[Records from a data collection]

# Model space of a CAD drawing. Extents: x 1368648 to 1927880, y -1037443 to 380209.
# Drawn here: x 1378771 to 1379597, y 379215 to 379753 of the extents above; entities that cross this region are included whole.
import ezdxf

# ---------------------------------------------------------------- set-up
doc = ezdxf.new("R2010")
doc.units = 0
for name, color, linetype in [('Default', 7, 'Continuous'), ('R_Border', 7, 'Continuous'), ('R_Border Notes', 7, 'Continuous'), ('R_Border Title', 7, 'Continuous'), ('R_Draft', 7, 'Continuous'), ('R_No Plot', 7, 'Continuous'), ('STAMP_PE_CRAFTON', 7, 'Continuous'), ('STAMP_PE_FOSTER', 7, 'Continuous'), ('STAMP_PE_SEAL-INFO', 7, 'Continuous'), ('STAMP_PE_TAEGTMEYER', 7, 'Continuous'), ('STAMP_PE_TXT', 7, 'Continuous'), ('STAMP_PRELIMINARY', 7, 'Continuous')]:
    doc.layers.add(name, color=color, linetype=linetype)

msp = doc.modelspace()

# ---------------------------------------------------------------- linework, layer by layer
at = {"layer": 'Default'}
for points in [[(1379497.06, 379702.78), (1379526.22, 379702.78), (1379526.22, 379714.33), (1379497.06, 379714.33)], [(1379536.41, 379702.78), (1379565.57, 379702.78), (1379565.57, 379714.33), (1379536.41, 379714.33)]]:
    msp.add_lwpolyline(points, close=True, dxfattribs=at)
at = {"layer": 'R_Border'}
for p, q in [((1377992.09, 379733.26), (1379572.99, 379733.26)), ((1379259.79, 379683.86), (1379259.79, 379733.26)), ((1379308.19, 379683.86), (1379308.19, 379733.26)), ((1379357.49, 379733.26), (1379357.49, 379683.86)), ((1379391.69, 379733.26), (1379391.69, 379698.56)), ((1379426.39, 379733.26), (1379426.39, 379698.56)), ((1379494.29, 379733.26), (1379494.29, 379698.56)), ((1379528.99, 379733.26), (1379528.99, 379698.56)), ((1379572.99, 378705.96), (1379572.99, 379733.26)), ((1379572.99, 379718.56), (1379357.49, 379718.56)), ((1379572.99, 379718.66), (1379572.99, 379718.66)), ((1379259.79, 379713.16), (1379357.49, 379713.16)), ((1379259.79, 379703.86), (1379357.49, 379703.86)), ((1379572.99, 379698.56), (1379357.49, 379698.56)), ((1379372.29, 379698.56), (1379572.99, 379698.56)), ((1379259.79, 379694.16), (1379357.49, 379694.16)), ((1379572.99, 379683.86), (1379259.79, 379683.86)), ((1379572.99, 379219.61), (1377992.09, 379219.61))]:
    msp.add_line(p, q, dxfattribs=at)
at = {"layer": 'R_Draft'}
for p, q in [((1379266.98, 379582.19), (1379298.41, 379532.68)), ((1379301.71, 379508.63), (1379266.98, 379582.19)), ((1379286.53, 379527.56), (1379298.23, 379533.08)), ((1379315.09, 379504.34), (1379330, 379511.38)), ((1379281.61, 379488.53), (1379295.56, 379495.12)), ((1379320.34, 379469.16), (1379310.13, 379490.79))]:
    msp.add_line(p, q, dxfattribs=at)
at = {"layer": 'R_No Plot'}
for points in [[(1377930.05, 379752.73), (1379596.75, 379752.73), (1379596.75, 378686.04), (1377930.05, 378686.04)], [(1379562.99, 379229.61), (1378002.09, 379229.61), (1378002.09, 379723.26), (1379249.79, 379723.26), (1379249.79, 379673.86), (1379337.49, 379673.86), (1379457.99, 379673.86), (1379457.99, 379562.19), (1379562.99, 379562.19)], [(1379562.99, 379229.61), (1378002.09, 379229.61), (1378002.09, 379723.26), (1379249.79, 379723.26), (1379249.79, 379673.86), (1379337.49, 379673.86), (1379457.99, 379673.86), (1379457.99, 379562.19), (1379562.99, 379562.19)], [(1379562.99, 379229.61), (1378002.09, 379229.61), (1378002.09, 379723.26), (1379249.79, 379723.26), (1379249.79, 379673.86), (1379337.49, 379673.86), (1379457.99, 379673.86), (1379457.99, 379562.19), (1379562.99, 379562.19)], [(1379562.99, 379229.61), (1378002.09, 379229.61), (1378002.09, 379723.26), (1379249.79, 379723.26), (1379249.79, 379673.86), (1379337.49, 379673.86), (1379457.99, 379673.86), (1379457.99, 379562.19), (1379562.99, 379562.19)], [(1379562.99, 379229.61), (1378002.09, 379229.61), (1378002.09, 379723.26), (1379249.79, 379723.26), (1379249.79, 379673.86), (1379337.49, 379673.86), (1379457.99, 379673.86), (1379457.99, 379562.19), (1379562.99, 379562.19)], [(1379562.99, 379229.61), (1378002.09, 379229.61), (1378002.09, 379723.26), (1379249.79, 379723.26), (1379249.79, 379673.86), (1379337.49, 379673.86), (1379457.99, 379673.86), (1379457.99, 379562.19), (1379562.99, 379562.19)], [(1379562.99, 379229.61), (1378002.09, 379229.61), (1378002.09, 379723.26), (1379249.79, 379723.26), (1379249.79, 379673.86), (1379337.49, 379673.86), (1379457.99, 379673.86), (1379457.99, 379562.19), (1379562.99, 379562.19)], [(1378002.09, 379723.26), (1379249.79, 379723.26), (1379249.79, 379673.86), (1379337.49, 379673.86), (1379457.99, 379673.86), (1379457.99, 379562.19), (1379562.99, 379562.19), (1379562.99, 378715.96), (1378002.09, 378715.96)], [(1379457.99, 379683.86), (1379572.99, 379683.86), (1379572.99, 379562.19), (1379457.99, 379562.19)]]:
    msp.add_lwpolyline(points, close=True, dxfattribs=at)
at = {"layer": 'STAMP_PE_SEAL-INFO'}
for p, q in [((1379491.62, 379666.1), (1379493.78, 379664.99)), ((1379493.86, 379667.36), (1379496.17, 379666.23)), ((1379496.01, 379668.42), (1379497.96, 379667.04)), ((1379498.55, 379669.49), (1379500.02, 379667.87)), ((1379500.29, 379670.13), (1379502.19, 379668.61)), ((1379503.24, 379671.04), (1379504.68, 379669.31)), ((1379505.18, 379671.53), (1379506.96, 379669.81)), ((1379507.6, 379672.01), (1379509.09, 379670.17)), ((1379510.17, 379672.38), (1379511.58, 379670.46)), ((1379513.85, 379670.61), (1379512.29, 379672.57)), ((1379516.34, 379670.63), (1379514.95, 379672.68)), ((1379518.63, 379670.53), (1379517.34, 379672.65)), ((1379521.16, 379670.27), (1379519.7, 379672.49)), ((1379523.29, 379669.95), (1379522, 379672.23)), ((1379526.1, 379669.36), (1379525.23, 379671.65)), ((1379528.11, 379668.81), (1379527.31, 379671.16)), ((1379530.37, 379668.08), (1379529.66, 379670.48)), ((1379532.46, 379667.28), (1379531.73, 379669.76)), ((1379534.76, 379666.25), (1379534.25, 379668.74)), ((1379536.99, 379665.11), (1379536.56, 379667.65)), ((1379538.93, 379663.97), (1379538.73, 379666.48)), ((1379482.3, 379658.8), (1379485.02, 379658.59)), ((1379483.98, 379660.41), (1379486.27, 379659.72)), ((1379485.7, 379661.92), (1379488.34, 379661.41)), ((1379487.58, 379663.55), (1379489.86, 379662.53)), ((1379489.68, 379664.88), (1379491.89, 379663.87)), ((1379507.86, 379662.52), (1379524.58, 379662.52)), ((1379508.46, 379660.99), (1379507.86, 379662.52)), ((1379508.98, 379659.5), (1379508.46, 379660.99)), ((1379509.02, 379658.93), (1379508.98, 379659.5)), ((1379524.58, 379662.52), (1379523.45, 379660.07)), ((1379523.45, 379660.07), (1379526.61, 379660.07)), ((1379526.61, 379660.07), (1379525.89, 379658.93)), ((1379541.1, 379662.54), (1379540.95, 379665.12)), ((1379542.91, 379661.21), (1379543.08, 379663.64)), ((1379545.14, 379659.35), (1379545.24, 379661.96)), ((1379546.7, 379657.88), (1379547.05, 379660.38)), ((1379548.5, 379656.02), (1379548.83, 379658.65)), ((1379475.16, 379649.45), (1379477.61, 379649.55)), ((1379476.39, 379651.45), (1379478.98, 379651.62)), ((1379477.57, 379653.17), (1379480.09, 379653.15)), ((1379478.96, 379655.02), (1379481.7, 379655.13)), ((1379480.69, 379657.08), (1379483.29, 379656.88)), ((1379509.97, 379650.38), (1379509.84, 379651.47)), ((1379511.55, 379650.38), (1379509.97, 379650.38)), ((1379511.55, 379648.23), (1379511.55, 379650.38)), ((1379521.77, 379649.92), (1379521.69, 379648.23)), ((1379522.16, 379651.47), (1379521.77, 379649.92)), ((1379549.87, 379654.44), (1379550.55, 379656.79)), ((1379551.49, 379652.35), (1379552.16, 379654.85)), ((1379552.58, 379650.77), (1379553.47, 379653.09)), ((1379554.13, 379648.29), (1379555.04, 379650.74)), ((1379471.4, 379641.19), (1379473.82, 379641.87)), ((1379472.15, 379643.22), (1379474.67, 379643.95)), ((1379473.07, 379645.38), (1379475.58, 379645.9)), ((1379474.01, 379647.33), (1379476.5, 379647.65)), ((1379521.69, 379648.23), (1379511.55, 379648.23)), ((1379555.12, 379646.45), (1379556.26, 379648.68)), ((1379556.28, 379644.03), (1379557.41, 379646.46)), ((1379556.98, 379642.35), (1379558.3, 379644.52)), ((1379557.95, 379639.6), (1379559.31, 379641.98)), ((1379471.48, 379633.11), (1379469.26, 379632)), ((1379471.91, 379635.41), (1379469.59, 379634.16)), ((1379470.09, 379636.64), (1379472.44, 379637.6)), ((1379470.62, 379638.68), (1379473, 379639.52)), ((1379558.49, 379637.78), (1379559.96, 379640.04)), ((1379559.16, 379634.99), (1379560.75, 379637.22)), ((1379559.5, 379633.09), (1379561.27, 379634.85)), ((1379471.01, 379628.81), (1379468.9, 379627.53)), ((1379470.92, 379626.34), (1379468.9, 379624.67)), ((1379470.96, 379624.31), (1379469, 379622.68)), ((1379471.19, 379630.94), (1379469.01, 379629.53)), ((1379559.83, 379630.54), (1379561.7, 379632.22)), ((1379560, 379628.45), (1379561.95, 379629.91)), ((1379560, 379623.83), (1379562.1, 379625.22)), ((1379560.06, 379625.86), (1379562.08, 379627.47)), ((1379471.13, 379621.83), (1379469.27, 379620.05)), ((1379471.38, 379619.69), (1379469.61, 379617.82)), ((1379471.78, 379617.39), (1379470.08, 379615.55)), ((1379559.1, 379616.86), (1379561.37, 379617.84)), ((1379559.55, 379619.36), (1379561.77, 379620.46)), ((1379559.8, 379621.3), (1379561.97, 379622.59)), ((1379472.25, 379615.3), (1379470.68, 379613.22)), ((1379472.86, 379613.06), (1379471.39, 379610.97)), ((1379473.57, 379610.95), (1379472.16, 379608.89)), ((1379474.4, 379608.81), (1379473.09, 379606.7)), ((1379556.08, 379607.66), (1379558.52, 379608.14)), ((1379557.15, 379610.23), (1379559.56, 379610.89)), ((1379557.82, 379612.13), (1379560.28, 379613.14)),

**GOAL OF THE EXERCISE**
Please give only the count of lines above containing "INFO".

**FINAL ANSWER**
2